» **TASK GOAL**:
Please reproduce the data exactly, though every picture must stay out.

» **RECORDS FOR THE TASK**:
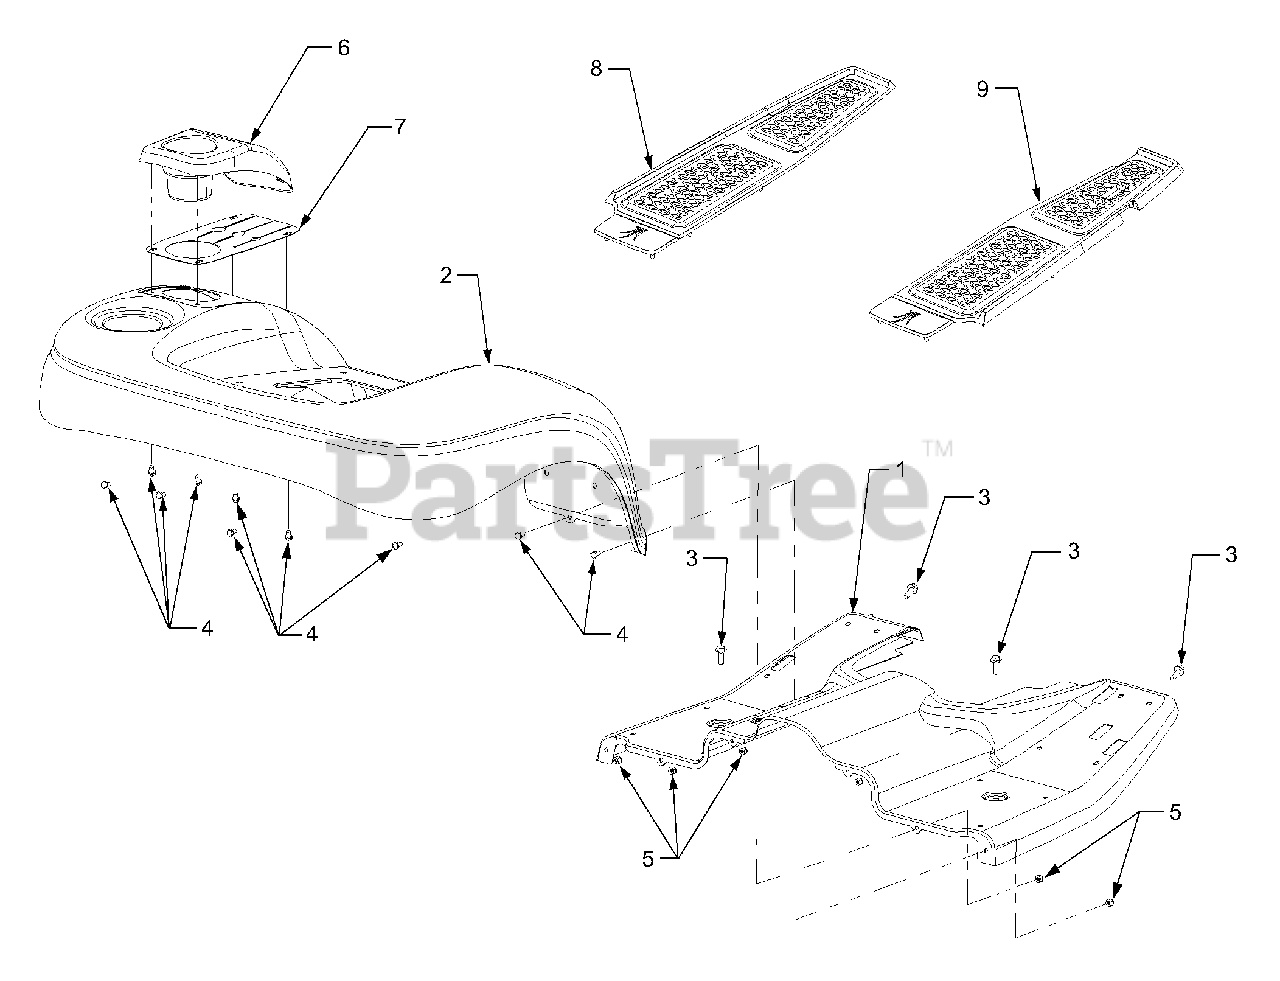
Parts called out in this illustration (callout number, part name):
1	Running Board
2	Fender
3	Screw, Hex Wash. Hd. Tapp 5/16-18 x 1.0
4	Screw, Hex Cap, 1/4-20 x .5 GR5
5	Nut, Hex Lock, 1/4-20
6	Cover, Lift Lever
7	Flap, Lift Lever
8	Pad. Floor LH
9	Pad. Floor RH

» **WRITTEN SOLUTION**:
Parts called out in this illustration (callout number, part name):
1	Running Board
2	Fender
3	Screw, Hex Wash. Hd. Tapp 5/16-18 x 1.0
4	Screw, Hex Cap, 1/4-20 x .5 GR5
5	Nut, Hex Lock, 1/4-20
6	Cover, Lift Lever
7	Flap, Lift Lever
8	Pad. Floor LH
9	Pad. Floor RH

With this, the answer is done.